"""

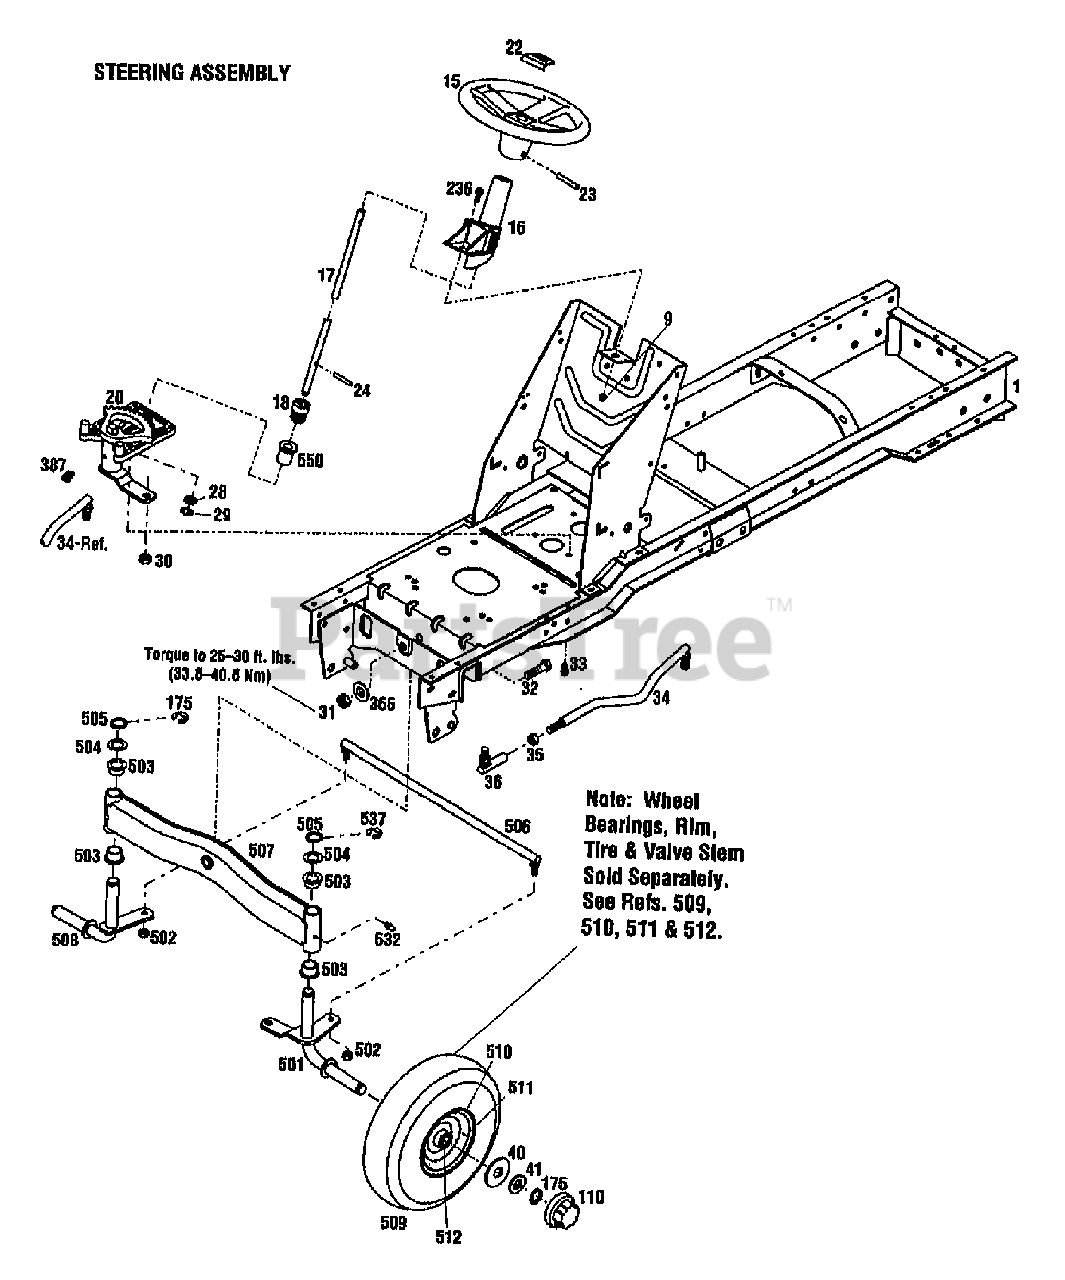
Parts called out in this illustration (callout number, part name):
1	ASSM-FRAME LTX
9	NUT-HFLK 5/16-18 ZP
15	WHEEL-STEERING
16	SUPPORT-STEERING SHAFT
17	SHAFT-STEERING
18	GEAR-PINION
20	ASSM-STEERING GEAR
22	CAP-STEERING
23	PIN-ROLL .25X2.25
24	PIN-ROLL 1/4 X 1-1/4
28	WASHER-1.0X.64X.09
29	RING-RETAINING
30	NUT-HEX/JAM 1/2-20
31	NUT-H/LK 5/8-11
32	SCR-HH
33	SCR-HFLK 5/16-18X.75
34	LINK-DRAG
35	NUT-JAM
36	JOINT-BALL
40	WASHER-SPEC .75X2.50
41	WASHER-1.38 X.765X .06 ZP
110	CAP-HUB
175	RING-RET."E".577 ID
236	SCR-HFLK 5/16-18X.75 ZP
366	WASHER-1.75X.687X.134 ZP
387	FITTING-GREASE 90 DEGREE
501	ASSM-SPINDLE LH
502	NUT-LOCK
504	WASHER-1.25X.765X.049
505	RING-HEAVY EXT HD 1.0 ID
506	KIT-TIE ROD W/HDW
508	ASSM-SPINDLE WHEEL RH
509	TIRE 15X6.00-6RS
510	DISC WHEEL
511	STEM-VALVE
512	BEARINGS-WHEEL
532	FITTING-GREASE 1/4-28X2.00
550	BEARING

"""
"""

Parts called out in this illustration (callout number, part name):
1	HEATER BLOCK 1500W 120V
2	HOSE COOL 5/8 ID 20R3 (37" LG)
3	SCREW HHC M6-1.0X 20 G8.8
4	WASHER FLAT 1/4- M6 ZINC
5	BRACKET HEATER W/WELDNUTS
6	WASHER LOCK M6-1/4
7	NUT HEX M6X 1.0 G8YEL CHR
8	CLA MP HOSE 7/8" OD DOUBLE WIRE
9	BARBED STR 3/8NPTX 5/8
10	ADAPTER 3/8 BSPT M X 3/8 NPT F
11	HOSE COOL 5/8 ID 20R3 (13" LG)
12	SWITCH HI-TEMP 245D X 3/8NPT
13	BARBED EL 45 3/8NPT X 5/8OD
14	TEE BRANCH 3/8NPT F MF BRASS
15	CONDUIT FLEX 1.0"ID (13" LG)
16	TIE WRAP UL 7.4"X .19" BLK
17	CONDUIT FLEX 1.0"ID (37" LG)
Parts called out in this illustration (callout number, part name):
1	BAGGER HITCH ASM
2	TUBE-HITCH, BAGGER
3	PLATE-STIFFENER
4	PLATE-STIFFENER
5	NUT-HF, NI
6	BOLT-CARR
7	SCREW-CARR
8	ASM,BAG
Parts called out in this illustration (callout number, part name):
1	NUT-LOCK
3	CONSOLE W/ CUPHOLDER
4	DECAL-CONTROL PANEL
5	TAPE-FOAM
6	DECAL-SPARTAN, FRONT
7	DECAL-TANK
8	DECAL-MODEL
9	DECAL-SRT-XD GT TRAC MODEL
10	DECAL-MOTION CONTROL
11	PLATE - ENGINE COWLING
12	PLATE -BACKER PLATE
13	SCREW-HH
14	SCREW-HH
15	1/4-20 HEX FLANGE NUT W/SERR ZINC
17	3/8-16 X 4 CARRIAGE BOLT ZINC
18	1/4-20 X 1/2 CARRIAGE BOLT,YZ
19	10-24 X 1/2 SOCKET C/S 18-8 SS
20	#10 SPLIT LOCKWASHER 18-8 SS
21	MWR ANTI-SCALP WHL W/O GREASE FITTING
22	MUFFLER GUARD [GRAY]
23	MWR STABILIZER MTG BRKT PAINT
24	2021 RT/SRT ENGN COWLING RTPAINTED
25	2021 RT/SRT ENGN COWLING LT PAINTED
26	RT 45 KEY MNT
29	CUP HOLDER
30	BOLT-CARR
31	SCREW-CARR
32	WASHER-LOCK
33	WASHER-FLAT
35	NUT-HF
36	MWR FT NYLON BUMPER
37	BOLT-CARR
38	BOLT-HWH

"""
"""

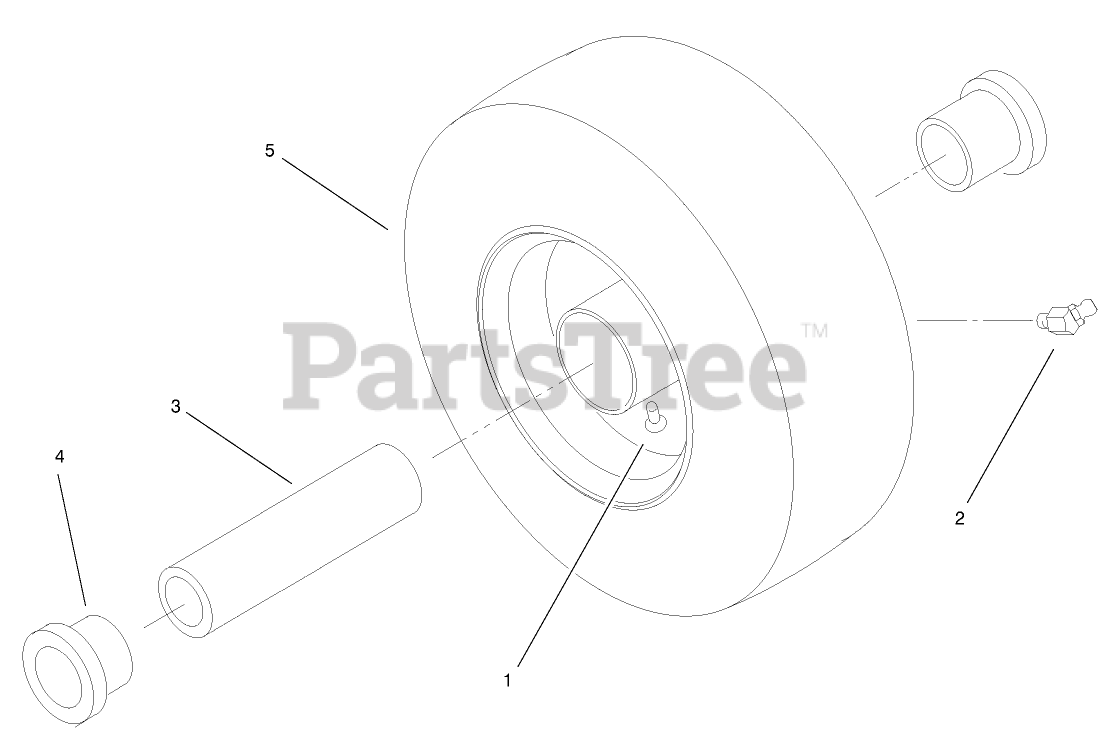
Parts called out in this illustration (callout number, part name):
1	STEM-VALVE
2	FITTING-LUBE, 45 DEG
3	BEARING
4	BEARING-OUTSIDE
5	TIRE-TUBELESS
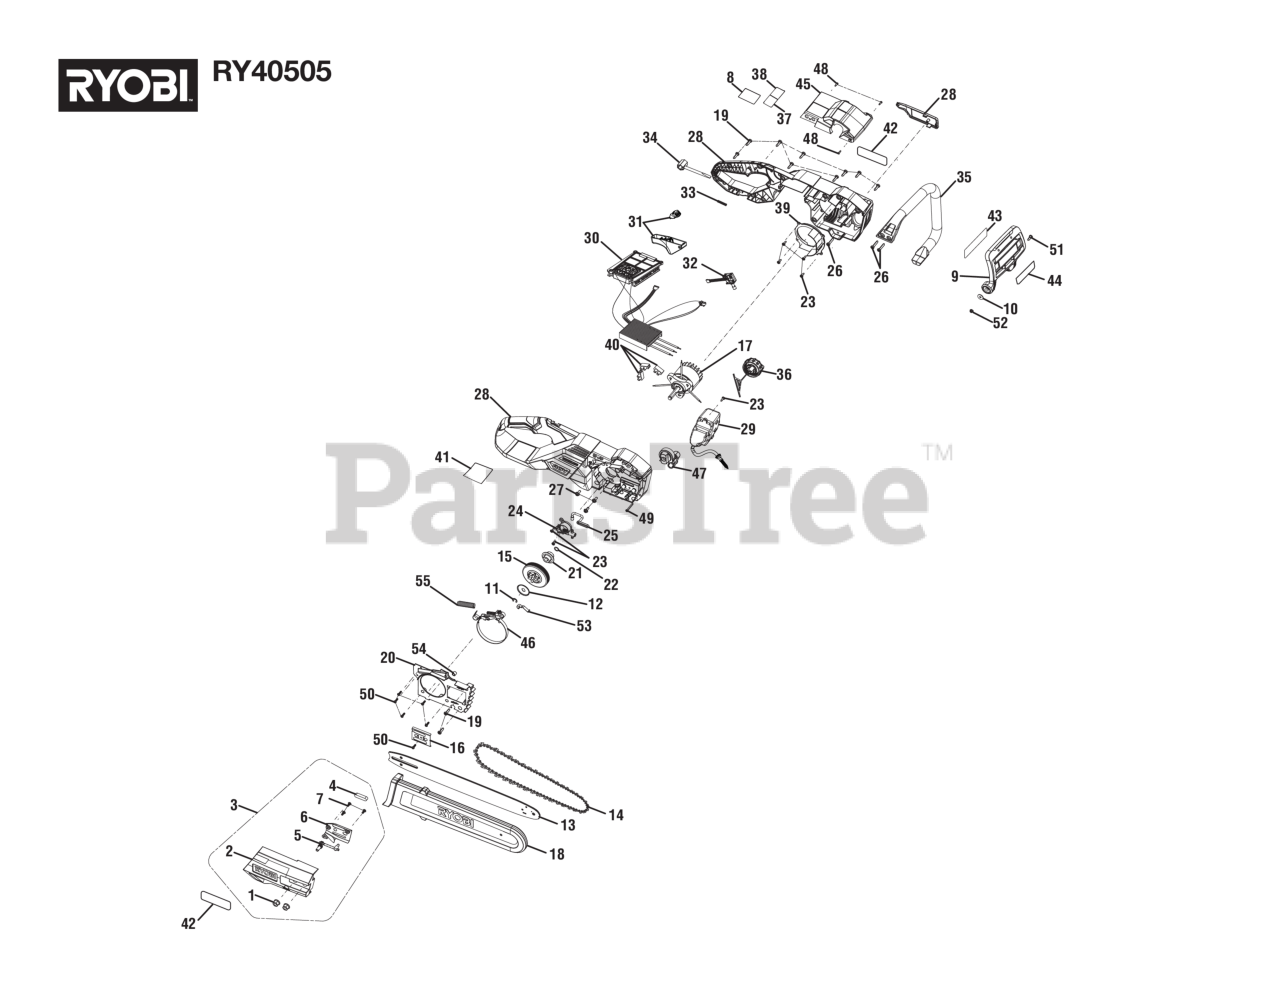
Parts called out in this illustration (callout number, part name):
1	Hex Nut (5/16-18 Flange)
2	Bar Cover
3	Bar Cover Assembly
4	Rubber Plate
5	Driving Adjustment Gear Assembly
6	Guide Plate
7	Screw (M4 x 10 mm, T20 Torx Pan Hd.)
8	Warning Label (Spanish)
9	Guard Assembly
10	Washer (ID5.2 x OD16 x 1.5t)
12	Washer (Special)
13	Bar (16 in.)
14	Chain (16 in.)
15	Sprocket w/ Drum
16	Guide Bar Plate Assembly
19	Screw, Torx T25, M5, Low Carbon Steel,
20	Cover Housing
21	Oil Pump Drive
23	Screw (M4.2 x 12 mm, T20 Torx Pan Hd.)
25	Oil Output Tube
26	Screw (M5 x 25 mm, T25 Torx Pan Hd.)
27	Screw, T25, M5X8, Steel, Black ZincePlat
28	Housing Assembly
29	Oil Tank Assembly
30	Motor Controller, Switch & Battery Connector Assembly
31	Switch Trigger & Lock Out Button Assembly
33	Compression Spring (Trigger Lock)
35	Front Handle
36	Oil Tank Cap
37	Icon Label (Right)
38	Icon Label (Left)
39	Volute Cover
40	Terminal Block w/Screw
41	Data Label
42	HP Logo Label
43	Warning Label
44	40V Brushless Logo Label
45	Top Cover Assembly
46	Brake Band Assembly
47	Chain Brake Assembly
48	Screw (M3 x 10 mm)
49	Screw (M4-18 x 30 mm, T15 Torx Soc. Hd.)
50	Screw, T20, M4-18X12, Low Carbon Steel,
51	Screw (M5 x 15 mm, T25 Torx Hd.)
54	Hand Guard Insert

"""

### What is being asked
Determine the number of lines in the data that include the word "Torx", and provide that number without comment.

### Reply
6